Но судьбе, всегда такой остроумной в своих жестоких шутках над людьми, судьбе его угодно было, чтоб он ещё раз увидал её. Однажды, возвращаясь с товарищами с прогулки по лесу и идя почтовым трактом, он увидел её. Прошло два года, но она была такая же, как и тогда, в больнице, сидела в почтовом возке, и тройка коней несла её в клубах пыли. Рядом с ней был ещё кто-то... военный, потому что в глазах Яшки сверкнули металлические пуговицы. Это она была, она, он не ошибался. Он как бы прирос к земле на мгновение и вдруг с радостным криком бросился вслед за тройкой.
Он бежал, прижав локти к бокам и кричал, и в рот ему набивалась пыль, гремели колёса тарантаса на выбоинах, и в голове Яшки шумело, сердце его билось, он кричал, кричал... Тарантас, заглушая его голос, исчезал в пыли... Деревья стремительно неслись куда-то мимо Яшки Чистяка...

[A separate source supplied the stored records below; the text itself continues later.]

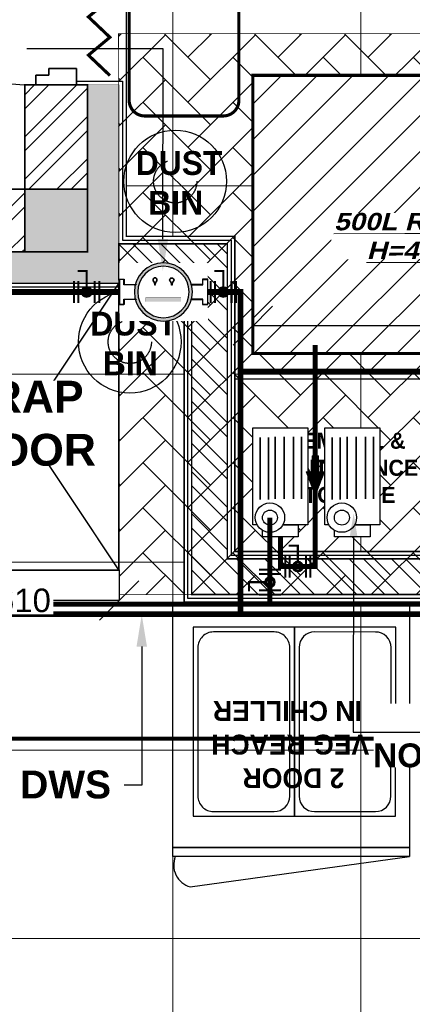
# Model space of a CAD drawing. Header units: millimetres. Extents: x -115221 to 194496, y -122556 to 375476.
# Tile 119 of 169: x 101672 to 102924, y 25263 to 28403. Entities that reach past the tile are written whole.
import ezdxf
from ezdxf import colors
from ezdxf.entities.mleader import LeaderData, LeaderLine
from ezdxf.math import Vec2, Vec3

# ---------------------------------------------------------------- set-up
doc = ezdxf.new("R2010")
doc.units = ezdxf.units.MM
doc.set_wipeout_variables(frame=1)
doc.header["$PDMODE"] = 3
doc.header["$PDSIZE"] = -100
doc.linetypes.add('CENTER', pattern=[2, 1.25, -0.25, 0.25, -0.25])
doc.linetypes.add('Dash2', pattern=[3, 1.5, -1.5])
for name, color, linetype in [('500 LTR RO TANK', 6, 'Continuous'), ('A-ANNO-DIMS-30', 7, 'Continuous'), ('BALL VALVE', 4, 'Continuous'), ('BOOSTER PUMP', 6, 'Continuous'), ('FUR R0', 8, 'Continuous'), ('SECTION A', 7, 'Continuous'), ('WATER SUPPLY DIRECTION ARROW', 7, 'Continuous'), ('WATERMETER', 5, 'Continuous'), ('WWDS CEILING', 8, 'Continuous'), ('WWDS FURNITURE LAYOUT', 8, 'Continuous')]:
    doc.layers.add(name, color=color, linetype=linetype)
for name, color, linetype, lineweight in [('ARROW', 7, 'Continuous', 0), ('Ceiling', 6, 'Continuous', 13), ('DOM. WATER SUPPLY', 5, 'Continuous', 0), ('DRAINAGE TEXT', 6, 'Continuous', 0), ('MS STRUCTURE (PROPOSED)', 46, 'Continuous', 9), ('PLU - Filered Water supply', 6, 'Continuous', 0), ('PLU - VALVES', 141, 'Continuous', 0), ('PLU W SUPPLY TEXT', 255, 'Continuous', 0), ('WATER SUPPLY DIM', 7, 'Continuous', 0), ('WATER SUPPLY TEXT', 7, 'Continuous', 0), ('WATER SUPPLY TEXTS', 7, 'Continuous', 0)]:
    doc.layers.add(name, color=color, linetype=linetype, lineweight=lineweight)
doc.styles.add('har', font='GOTHICB.TTF')
doc.styles.get("Standard").update_dxf_attribs({"font": 'arial.ttf'})
doc.styles.add('TITLE', font='ariblk.ttf', dxfattribs={"height": 2.25})
doc.dimstyles.new('PLU DIM', dxfattribs={"dimtxt": 75, "dimasz": 125, "dimexe": 0.1, "dimexo": 0.1, "dimgap": 0.09, "dimtad": 0, "dimtoh": 1, "dimdec": 0, "dimzin": 0, "dimdsep": 46, "dimtxsty": 'Standard', "dimblk": 'OBLIQUE', "dimcen": 0.09, "dimclrd": 150, "dimclre": 150, "dimclrt": 1, "dimadec": 0, "dimazin": 0, "dimtfac": 1, "dimtdec": 0, "dimtofl": 0, "dimtmove": 1, "dimatfit": 3, "dimldrblk": 'OBLIQUE', "dimfxl": 1, "dimtfill": 1, "dimfrac": 1, "dimtolj": 1, "dimtzin": 0, "dimarcsym": 0})

# ---------------------------------------------------------------- blocks, each defined once
blk = doc.blocks.new('veg reach in chileerr')
at = {"layer": 'FUR R0'}
blk.add_line((-1748880.683786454, -980092.9859190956, 5.9643435e-09), (-1748876.848939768, -980120.5868171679, 5.9643435e-09), dxfattribs=at)
at = {"layer": 'FUR R0', "elevation": 5.9643435e-09}
for points in [[(-1748875.714770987, -980090.8179631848), (-1748875.714770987, -980120.5868171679), (-1748876.848939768, -980120.5868171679), (-1748876.848939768, -980090.8179631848)], [(-1748845.257874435, -980090.8153071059), (-1748845.257874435, -980120.5868171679), (-1748875.714770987, -980120.5868171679), (-1748875.714770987, -980090.8153071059)], [(-1748848.00356409, -980106.1045995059), (-1748848.00356409, -980093.3567546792), (-1748871.792357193, -980093.3567546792), (-1748871.792357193, -980106.1045995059)], [(-1748848.00356409, -980118.8524443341), (-1748848.00356409, -980106.1045995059), (-1748871.792357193, -980106.1045995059), (-1748871.792357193, -980118.8524443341)]]:
    blk.add_lwpolyline(points, close=True, dxfattribs=at)
for points in [[(-1748848.59192616, -980103.5550305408), (-1748848.59192616, -980095.9063236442, 0.4142135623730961), (-1748850.553133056, -980093.945116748), (-1748869.242788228, -980093.945116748, 0.4142135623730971), (-1748871.203995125, -980095.9063236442), (-1748871.203995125, -980103.5550305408, 0.4142135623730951), (-1748869.242788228, -980105.5162374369), (-1748850.553133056, -980105.5162374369, 0.4142135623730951)], [(-1748848.59192616, -980116.3028753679), (-1748848.59192616, -980108.654168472, 0.4142135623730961), (-1748850.553133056, -980106.692961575), (-1748869.242788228, -980106.692961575, 0.4142135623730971), (-1748871.203995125, -980108.654168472), (-1748871.203995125, -980116.3028753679, 0.4142135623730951), (-1748869.242788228, -980118.264082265), (-1748850.553133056, -980118.264082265, 0.4142135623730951)]]:
    blk.add_lwpolyline(points, format="xyb", close=True, dxfattribs=at)
at = {"layer": 'FUR R0'}
blk.add_arc((-1748877.926860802, -980093.7711907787, 5.9643435e-09), 2.866581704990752, 67.91200580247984, 164.1011389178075, dxfattribs=at)
blk = doc.blocks.new('NIA-AR-DOOR-HOLLOW_METAL_SINGLE - NIA-AR-DOOR-D3a_1000Wx2100H-14814862-F_B-14 PLAN')
at = {"layer": 'FUR R0'}
for p, q in [((-500.0000000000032, 24.99999999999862), (-500.0000000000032, -100.0000000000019)), ((-450.0000000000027, 24.99999999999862), (-500.0000000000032, 24.99999999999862)), ((-500.0000000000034, 24.99999999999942), (-450.0000000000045, 24.99999999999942)), ((-500.0000000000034, -99.99999999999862), (-500.0000000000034, 24.99999999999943)), ((-499.9999999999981, -100.0000000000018), (-499.9999999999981, 24.99999999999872)), ((-499.9999999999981, 24.99999999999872), (-449.9999999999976, 24.99999999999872)), ((-450.0000000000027, -59.99999999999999), (-450.0000000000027, 24.99999999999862)), ((-450.0000000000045, 24.99999999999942), (-450.0000000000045, -59.99999999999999)), ((-449.9999999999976, 24.99999999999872), (-449.9999999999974, -59.99999999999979)), ((449.9999999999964, 25.00000000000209), (499.9999999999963, 25.00000000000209)), ((449.9999999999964, -59.99999999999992), (449.9999999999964, 25.00000000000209)), ((499.9999999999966, 25.00000000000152), (449.9999999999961, 25.0000000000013)), ((449.9999999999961, 25.0000000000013), (449.9999999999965, -59.99999999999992)), ((449.9999999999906, -59.99999999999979), (449.9999999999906, 24.99999999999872)), ((449.9999999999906, 24.99999999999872), (499.9999999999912, 24.99999999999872)), ((499.9999999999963, 25.00000000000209), (499.9999999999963, -99.99999999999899)), ((499.9999999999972, -99.99999999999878), (499.9999999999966, 25.00000000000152)), ((499.9999999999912, 24.99999999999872), (499.9999999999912, -100.0000000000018)), ((-470.0000000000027, -100.0000000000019), (-470.0000000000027, -59.99999999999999)), ((-470.0000000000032, -59.99999999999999), (-450.0000000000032, -59.99999999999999)), ((-450.0000000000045, -59.99999999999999), (-470.0000000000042, -59.99999999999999)), ((-470.0000000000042, -59.99999999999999), (-470.0000000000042, -99.99999999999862)), ((-470.0000000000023, -59.99999999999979), (-470.0000000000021, -100.0000000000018)), ((-449.9999999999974, -59.99999999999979), (-470.0000000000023, -59.99999999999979)), ((469.9999999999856, -59.99999999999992), (449.9999999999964, -59.99999999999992)), ((449.999999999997, -59.99999999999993), (469.9999999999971, -59.99999999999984)), ((469.9999999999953, -59.99999999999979), (449.9999999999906, -59.99999999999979)), ((469.9999999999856, -99.99999999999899), (469.9999999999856, -59.99999999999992)), ((469.9999999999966, -59.99999999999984), (469.9999999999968, -99.9999999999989)), ((469.9999999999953, -100.0000000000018), (469.9999999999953, -59.99999999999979)), ((-500.0000000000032, -100.0000000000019), (-470.0000000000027, -100.0000000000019)), ((-470.0000000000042, -99.99999999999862), (-500.0000000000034, -99.99999999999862)), ((-470.0000000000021, -100.0000000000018), (-499.9999999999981, -100.0000000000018)), ((-470.0000000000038, -1070.000000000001), (-470.0000000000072, -100.0000000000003)), ((-470.0000000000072, -100.0000000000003), (-430.0000000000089, -100.0000000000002)), ((-430.0000000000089, -100.0000000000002), (-430.0000000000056, -1070)), ((499.9999999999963, -99.99999999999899), (469.9999999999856, -99.99999999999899)), ((469.9999999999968, -99.9999999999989), (499.9999999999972, -99.99999999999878)), ((499.9999999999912, -100.0000000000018), (469.9999999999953, -100.0000000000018)), ((-430.0000000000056, -1070), (-470.0000000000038, -1070.000000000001))]:
    blk.add_line(p, q, dxfattribs=at)
blk.add_arc((-470.0000000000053, -100.0000000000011), 969.9999999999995, 269.9999999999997, 359.9999999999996, dxfattribs=at)
blk = doc.blocks.new('FUR R0')
at = {"layer": 'WWDS FURNITURE LAYOUT'}
h = blk.add_hatch(color=8, dxfattribs=at)
h.dxf.hatch_style = 1
h.paths.add_polyline_path([(-7199.981601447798, 592.8595280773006), (-7199.981601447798, -40.14047192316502), (-8699.981601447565, -40.14047192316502), (-8699.981601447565, 59.85952807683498), (-7299.981601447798, 59.85952807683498), (-7299.981601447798, 592.8595280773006)])
h = blk.add_hatch(dxfattribs=at)
h.set_pattern_fill('ANSI32', color=8, scale=10, angle=180)
h.set_pattern_definition([(225, (1979671.920858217, 2797437.852543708), (67.35192090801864, -67.35192090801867), []), (225, (1979627.019558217, 2797437.852543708), (67.35192090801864, -67.35192090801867), [])])
h.paths.add_polyline_path([(-7499.9816014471, 592.8595280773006), (-7299.981601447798, 592.8595280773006), (-7299.981601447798, 259.859528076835), (-7499.9816014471, 259.859528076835)])
h = blk.add_hatch(dxfattribs=at)
h.set_pattern_fill('ANSI32', color=8, scale=10, angle=180)
h.set_pattern_definition([(225, (1979671.920858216, 2798471.852543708), (67.35192090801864, -67.35192090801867), []), (225, (1979627.019558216, 2798471.852543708), (67.35192090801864, -67.35192090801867), [])])
h.paths.add_polyline_path([(-7499.981601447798, 259.859528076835), (-8551.981601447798, 259.859528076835), (-8551.981601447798, 59.85952807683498), (-7499.981601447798, 59.85952807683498)])
h = blk.add_hatch(color=8, dxfattribs=at)
h.dxf.hatch_style = 1
h.paths.add_polyline_path([(-7299.981601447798, 59.85952807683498), (-7499.981601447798, 59.85952807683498), (-7499.981601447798, 259.8595280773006), (-7299.981601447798, 259.8595280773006)])
at = {"layer": 'WWDS FURNITURE LAYOUT', "ltscale": 50}
h = blk.add_hatch(dxfattribs=at)
h.set_pattern_fill('ANSI32', color=8, scale=10, angle=90)
h.set_pattern_definition([(135, (-1707085.583079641, -2849989.468763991), (-67.35192090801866, -67.35192090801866), []), (135, (-1707085.583079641, -2849944.567463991), (-67.35192090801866, -67.35192090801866), [])])
h.paths.add_polyline_path([(-7199.981601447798, 85.64092000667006), (-6853.927000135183, 85.64092000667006), (-6853.927000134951, -919.433548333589), (-5200.58309875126, -919.4335483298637), (-5200.582460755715, -246.3500268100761), (-5086.801217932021, -246.3501346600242), (-5086.796645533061, -919.4218697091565), (-4052.612902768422, -919.4218697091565), (-4052.61212986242, -1033.19608697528), (-6967.70883544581, -1033.214784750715), (-6967.702516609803, -28.14047192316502), (-7199.981601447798, -28.14047192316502)])
at = {"layer": 'WWDS FURNITURE LAYOUT', "color": 8}
blk.add_line((-7499.981601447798, 259.859528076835), (-8551.981601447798, 259.8595280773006), dxfattribs=at)
at = {"layer": 'WWDS FURNITURE LAYOUT', "color": 8, "ltscale": 50, "const_width": 10}
blk.add_lwpolyline([(-6817.076689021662, 1643.531236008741), (-6817.076689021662, 543.531236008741, -0.414213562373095), (-6867.076689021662, 493.531236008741), (-7117.076689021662, 493.531236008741, -0.414213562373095), (-7167.076689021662, 543.531236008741), (-7167.076689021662, 1643.531236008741, -0.414213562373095), (-7117.076689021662, 1693.531236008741), (-6867.076689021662, 1693.531236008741, -0.414213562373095)], format="xyb", close=True, dxfattribs=at)
blk.add_lwpolyline([(-7228.583079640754, 1598.531236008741), (-7296.981601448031, 1541.531236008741), (-7228.583079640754, 1476.531236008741), (-7296.981601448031, 1419.531236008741), (-7228.583079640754, 1354.531236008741), (-7296.981601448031, 1297.531236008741), (-7228.583079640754, 1232.531236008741), (-7296.981601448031, 1175.531236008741), (-7228.583079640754, 1110.531236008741), (-7296.981601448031, 1053.531236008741), (-7228.583079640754, 988.531236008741), (-7296.981601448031, 931.531236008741), (-7228.583079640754, 866.531236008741), (-7296.981601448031, 809.531236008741), (-7228.583079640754, 744.531236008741), (-7296.981601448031, 687.531236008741), (-7228.583079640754, 622.531236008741)], dxfattribs=at)
at = {"layer": 'WWDS FURNITURE LAYOUT', "color": 8}
blk.add_lwpolyline([(-7335.356601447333, 604.859528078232), (-7187.981601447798, 604.8595280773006), (-7187.981601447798, 97.64092000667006), (-6841.927000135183, 97.64092000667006), (-6841.927000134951, -907.433548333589), (-5212.583087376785, -907.4335483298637), (-5212.582449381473, -234.3501083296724), (-5074.801217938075, -234.349172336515), (-5074.801217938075, -907.4218697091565), (-4040.612984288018, -907.4218697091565), (-4040.61204834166, -1045.196161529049), (-6979.70883521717, -1045.177901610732), (-6979.708835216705, -52.14047192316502), (-8687.981601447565, -52.14047192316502), (-8687.9816014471, -3702.687521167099), (-7764.583079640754, -3702.687521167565), (-7764.583079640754, -3840.468763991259), (-8687.981601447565, -3840.468763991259), (-8687.981601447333, -5900.52225428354), (-6775.000131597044, -5900.522254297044)], dxfattribs=at)
for points, const_width in [([(-7199.981601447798, 592.8595280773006), (-7199.981601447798, -40.14047192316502), (-8699.981601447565, -40.14047192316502), (-8699.981601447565, 59.85952807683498), (-7299.981601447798, 59.85952807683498), (-7299.981601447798, 592.8595280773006)], 2), ([(-7499.9816014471, 592.8595280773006), (-7299.981601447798, 592.8595280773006), (-7299.981601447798, 259.859528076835), (-7499.9816014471, 259.859528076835)], 5), ([(-7499.981601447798, 259.859528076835), (-8551.981601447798, 259.859528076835), (-8551.981601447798, 59.85952807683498), (-7499.981601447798, 59.85952807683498)], 5), ([(-7199.981601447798, 85.64092000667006), (-6853.927000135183, 85.64092000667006), (-6853.927000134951, -919.433548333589), (-5200.58309875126, -919.4335483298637), (-5200.582460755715, -246.3500268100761), (-5086.801217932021, -246.3501346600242), (-5086.796645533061, -919.4218697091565), (-4052.612902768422, -919.4218697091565), (-4052.61212986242, -1033.19608697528), (-6967.70883544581, -1033.214784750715), (-6967.702516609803, -28.14047192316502), (-7199.981601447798, -28.14047192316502)], 5.066666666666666)]:
    blk.add_lwpolyline(points, close=True, dxfattribs=dict(at, const_width=const_width))
at = {"layer": 'WWDS FURNITURE LAYOUT', "color": 8, "lineweight": 70, "const_width": 5}
blk.add_lwpolyline([(-7299.981601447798, 59.85952807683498), (-7499.981601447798, 59.85952807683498), (-7499.981601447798, 259.8595280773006), (-7299.981601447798, 259.8595280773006)], close=True, dxfattribs=at)
at = {"layer": 'WWDS FURNITURE LAYOUT', "color": 8}
blk.add_lwpolyline([(-6829.92749837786, -345.4335483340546), (-6079.92749837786, -345.4335483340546), (-6079.92749837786, -895.4335483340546), (-6829.92749837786, -895.4335483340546)], close=True, dxfattribs=at)
at = {"layer": 'WWDS FURNITURE LAYOUT', "color": 8, "ltscale": 200}
for centre in [(-7020.290084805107, 285.0969408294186, 3.14376252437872e-08), (-7165.126909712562, -227.0125940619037)]:
    blk.add_circle(centre, 163.4561699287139, dxfattribs=at)
at = {"layer": 'WWDS FURNITURE LAYOUT', "color": 8, "linetype": 'Dash2', "ltscale": 200}
for centre in [(-7020.290084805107, 285.0969408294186, 3.14376252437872e-08), (-7165.126909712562, -227.0125940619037)]:
    blk.add_circle(centre, 68.94945300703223, dxfattribs=at)
at = {"layer": 'WWDS FURNITURE LAYOUT', "color": 8, "lineweight": 15, "xscale": 1.034000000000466, "yscale": 1.034000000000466, "zscale": 1.034000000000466, "rotation": 270}
blk.add_blockref('NIA-AR-DOOR-HOLLOW_METAL_SINGLE - NIA-AR-DOOR-D3a_1000Wx2100H-14814862-F_B-14 PLAN', (-7361.206601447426, 1109.859528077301), dxfattribs=at)
at = {"layer": 'WWDS FURNITURE LAYOUT', "color": 8, "xscale": 25.33333333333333, "yscale": 25.33333333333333, "zscale": 25.33333333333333, "rotation": 89.99196019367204}
blk.add_blockref('veg reach in chileerr', (-24829777.60113278, 44306495.5886213, -1.510967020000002e-07), dxfattribs=at)
at = {"layer": 'WWDS FURNITURE LAYOUT', "color": 8, "style": 'har'}
for s, height, rotation, p in [('DUST', 76, 0.03323403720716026, (-7146.072019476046, 305.3103237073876)), ('BIN', 76, 0.03323403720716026, (-7106.241925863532, 178.6667389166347)), ('DUST', 76, 0.03323403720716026, (-7290.908844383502, -206.7992111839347, -3.14376252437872e-08)), ('BIN', 76, 0.03323403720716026, (-7251.078750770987, -333.4427959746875, -3.14376252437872e-08)), ('CHEMICAL &', 51.01177825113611, 359.9919602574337, (-6713.839206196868, -567.8147048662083)), ('MAINTENANCE', 51.01177825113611, 359.9919602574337, (-6749.327216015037, -654.1124535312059)), ('STORAGE', 51.01177825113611, 359.9919602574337, (-6654.667569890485, -740.4284645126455)), ('IN CHILLER', 63.33333333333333, 180.0075902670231, (-6424.721374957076, -1372.728106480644, -0.0002944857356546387)), ('VEG REACH', 63.33333333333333, 180.0075902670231, (-6401.694490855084, -1479.873633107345, -0.0002944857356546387)), ('2 DOOR', 63.33333333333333, 180.0075902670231, (-6480.685507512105, -1587.032674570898, -0.0002944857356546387))]:
    blk.add_text(s, height=height, rotation=rotation, dxfattribs=at).set_placement(p)
blk = doc.blocks.new('NHGNHN')
blk.add_wipeout([(244904.23731903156, -67528.5056451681), (244905.46943354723, -67528.50567904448), (244905.46947487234, -67527.00266593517), (244909.93588654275, -67527.0027887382), (244909.93577313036, -67527.83321957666), (244910.0195708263, -67527.88451136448), (244910.11071891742, -67527.94818467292), (244910.1998983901, -67528.01834760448), (244910.34219506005, -67528.15073669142), (244910.49761465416, -67528.33419409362), (244910.61025286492, -67528.50582043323), (244910.61183289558, -67528.50582043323), (244911.16795973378, -67528.50583572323), (244911.16762489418, -67540.6840992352), (244904.23698419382, -67540.68390867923)])
at = {"color": 116, "true_color": 0x136734}
for p, q in [((244905.4694335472, -67528.50567904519), (244905.4694748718, -67527.00266593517)), ((244905.4694748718, -67527.00266593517), (244909.9358865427, -67527.0027887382)), ((244909.9358865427, -67527.0027887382), (244909.9358637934, -67527.83017226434)), ((244904.2369841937, -67540.68390867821), (244904.2373190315, -67528.5056451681)), ((244904.2373190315, -67528.5056451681), (244907.4116864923, -67528.50573244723)), ((244907.4116864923, -67528.50573244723), (244905.4694335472, -67528.50567904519)), ((244910.6118328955, -67528.50582043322), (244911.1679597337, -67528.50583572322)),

И когда, обессиленный погоней, он упал в пыль дороги лицом, - то зарыдал, заплакал слезами горькой обиды, злыми слезами разочарования.
Потом он пытался найти её. Дня через три он отправился вдаль, по почтовому тракту и шёл, спрашивая на каждой станции:
- Куда ехали третьеводни барыня с офицером?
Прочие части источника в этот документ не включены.